Items from a data source:
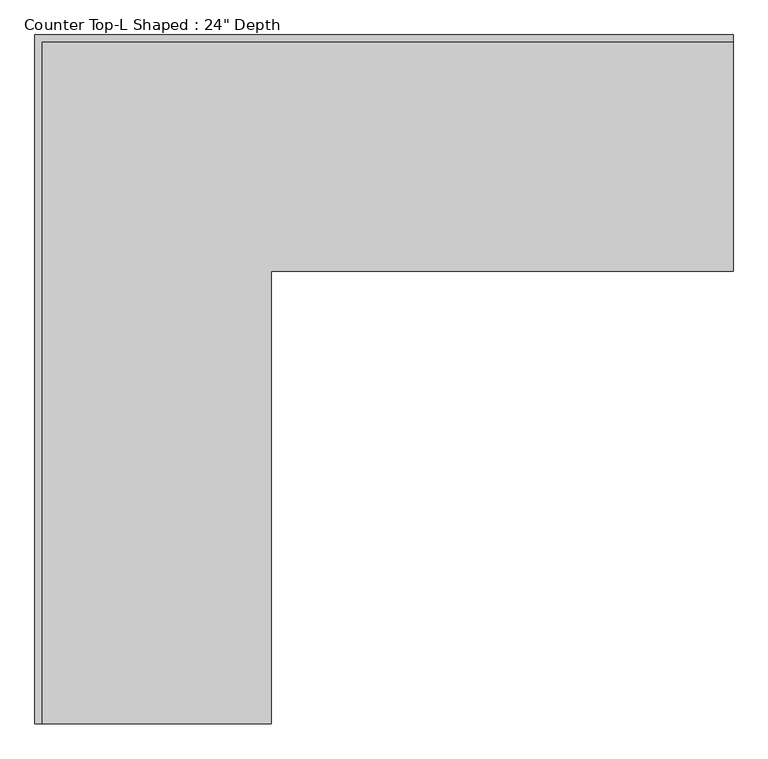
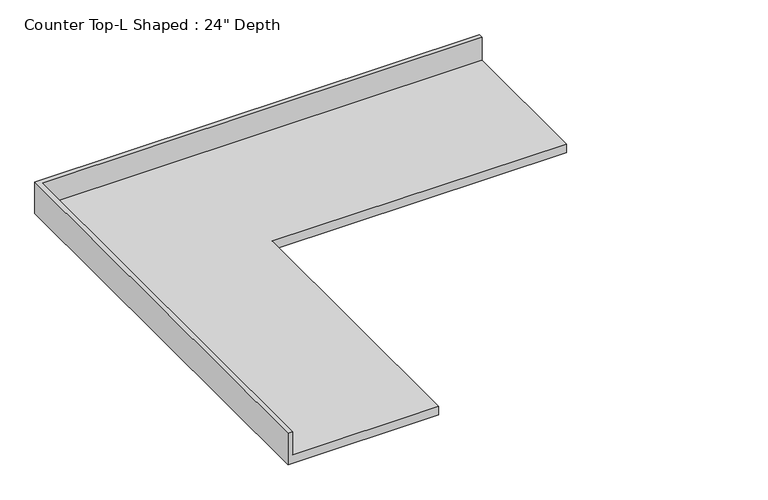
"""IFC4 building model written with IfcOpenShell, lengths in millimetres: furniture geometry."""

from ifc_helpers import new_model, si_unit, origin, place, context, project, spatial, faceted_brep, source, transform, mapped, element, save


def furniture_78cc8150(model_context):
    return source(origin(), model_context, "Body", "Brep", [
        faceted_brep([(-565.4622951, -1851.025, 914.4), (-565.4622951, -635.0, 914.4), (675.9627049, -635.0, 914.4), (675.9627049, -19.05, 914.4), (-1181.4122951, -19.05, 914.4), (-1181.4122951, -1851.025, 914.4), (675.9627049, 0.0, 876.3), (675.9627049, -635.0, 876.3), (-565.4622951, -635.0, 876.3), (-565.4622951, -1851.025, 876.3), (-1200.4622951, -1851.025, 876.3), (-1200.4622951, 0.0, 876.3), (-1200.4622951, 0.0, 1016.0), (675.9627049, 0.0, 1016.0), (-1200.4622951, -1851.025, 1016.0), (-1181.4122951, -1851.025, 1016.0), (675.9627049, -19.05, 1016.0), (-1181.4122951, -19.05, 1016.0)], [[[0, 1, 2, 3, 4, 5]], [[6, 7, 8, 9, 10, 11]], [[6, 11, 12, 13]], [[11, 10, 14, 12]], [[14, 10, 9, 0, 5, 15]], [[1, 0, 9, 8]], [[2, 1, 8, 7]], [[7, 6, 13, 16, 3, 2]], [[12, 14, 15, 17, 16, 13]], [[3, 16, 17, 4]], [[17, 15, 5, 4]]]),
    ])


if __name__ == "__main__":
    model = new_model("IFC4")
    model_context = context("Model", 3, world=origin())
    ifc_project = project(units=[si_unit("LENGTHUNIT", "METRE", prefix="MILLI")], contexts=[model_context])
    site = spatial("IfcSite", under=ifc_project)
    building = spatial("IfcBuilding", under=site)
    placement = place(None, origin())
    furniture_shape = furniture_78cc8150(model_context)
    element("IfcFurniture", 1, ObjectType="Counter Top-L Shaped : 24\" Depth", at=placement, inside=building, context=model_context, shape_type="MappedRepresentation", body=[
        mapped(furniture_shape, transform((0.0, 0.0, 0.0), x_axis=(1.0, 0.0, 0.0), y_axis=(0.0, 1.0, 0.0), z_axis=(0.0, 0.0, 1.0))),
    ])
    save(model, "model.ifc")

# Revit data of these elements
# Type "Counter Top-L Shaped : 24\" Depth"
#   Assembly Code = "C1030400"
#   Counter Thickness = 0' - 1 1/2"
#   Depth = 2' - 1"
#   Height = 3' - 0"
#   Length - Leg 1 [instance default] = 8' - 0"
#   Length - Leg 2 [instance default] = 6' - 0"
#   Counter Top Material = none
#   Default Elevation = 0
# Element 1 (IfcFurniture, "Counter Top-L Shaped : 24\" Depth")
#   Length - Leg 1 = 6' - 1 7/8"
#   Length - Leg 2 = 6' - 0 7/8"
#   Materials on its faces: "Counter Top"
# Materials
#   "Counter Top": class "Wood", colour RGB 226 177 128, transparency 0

EXERCISE INSTRUCTIONS: Give the entries again exactly, but skip every image.

TASK ANSWER:
"""IFC4 building model written with IfcOpenShell, lengths in millimetres: furniture geometry."""

from ifc_helpers import new_model, si_unit, origin, place, context, project, spatial, faceted_brep, source, transform, mapped, element, save


def furniture_78cc8150(model_context):
    return source(origin(), model_context, "Body", "Brep", [
        faceted_brep([(-565.4622951, -1851.025, 914.4), (-565.4622951, -635.0, 914.4), (675.9627049, -635.0, 914.4), (675.9627049, -19.05, 914.4), (-1181.4122951, -19.05, 914.4), (-1181.4122951, -1851.025, 914.4), (675.9627049, 0.0, 876.3), (675.9627049, -635.0, 876.3), (-565.4622951, -635.0, 876.3), (-565.4622951, -1851.025, 876.3), (-1200.4622951, -1851.025, 876.3), (-1200.4622951, 0.0, 876.3), (-1200.4622951, 0.0, 1016.0), (675.9627049, 0.0, 1016.0), (-1200.4622951, -1851.025, 1016.0), (-1181.4122951, -1851.025, 1016.0), (675.9627049, -19.05, 1016.0), (-1181.4122951, -19.05, 1016.0)], [[[0, 1, 2, 3, 4, 5]], [[6, 7, 8, 9, 10, 11]], [[6, 11, 12, 13]], [[11, 10, 14, 12]], [[14, 10, 9, 0, 5, 15]], [[1, 0, 9, 8]], [[2, 1, 8, 7]], [[7, 6, 13, 16, 3, 2]], [[12, 14, 15, 17, 16, 13]], [[3, 16, 17, 4]], [[17, 15, 5, 4]]]),
    ])


if __name__ == "__main__":
    model = new_model("IFC4")
    model_context = context("Model", 3, world=origin())
    ifc_project = project(units=[si_unit("LENGTHUNIT", "METRE", prefix="MILLI")], contexts=[model_context])
    site = spatial("IfcSite", under=ifc_project)
    building = spatial("IfcBuilding", under=site)
    placement = place(None, origin())
    furniture_shape = furniture_78cc8150(model_context)
    element("IfcFurniture", 1, ObjectType="Counter Top-L Shaped : 24\" Depth", at=placement, inside=building, context=model_context, shape_type="MappedRepresentation", body=[
        mapped(furniture_shape, transform((0.0, 0.0, 0.0), x_axis=(1.0, 0.0, 0.0), y_axis=(0.0, 1.0, 0.0), z_axis=(0.0, 0.0, 1.0))),
    ])
    save(model, "model.ifc")

# Revit data of these elements
# Type "Counter Top-L Shaped : 24\" Depth"
#   Assembly Code = "C1030400"
#   Counter Thickness = 0' - 1 1/2"
#   Depth = 2' - 1"
#   Height = 3' - 0"
#   Length - Leg 1 [instance default] = 8' - 0"
#   Length - Leg 2 [instance default] = 6' - 0"
#   Counter Top Material = none
#   Default Elevation = 0
# Element 1 (IfcFurniture, "Counter Top-L Shaped : 24\" Depth")
#   Length - Leg 1 = 6' - 1 7/8"
#   Length - Leg 2 = 6' - 0 7/8"
#   Materials on its faces: "Counter Top"
# Materials
#   "Counter Top": class "Wood", colour RGB 226 177 128, transparency 0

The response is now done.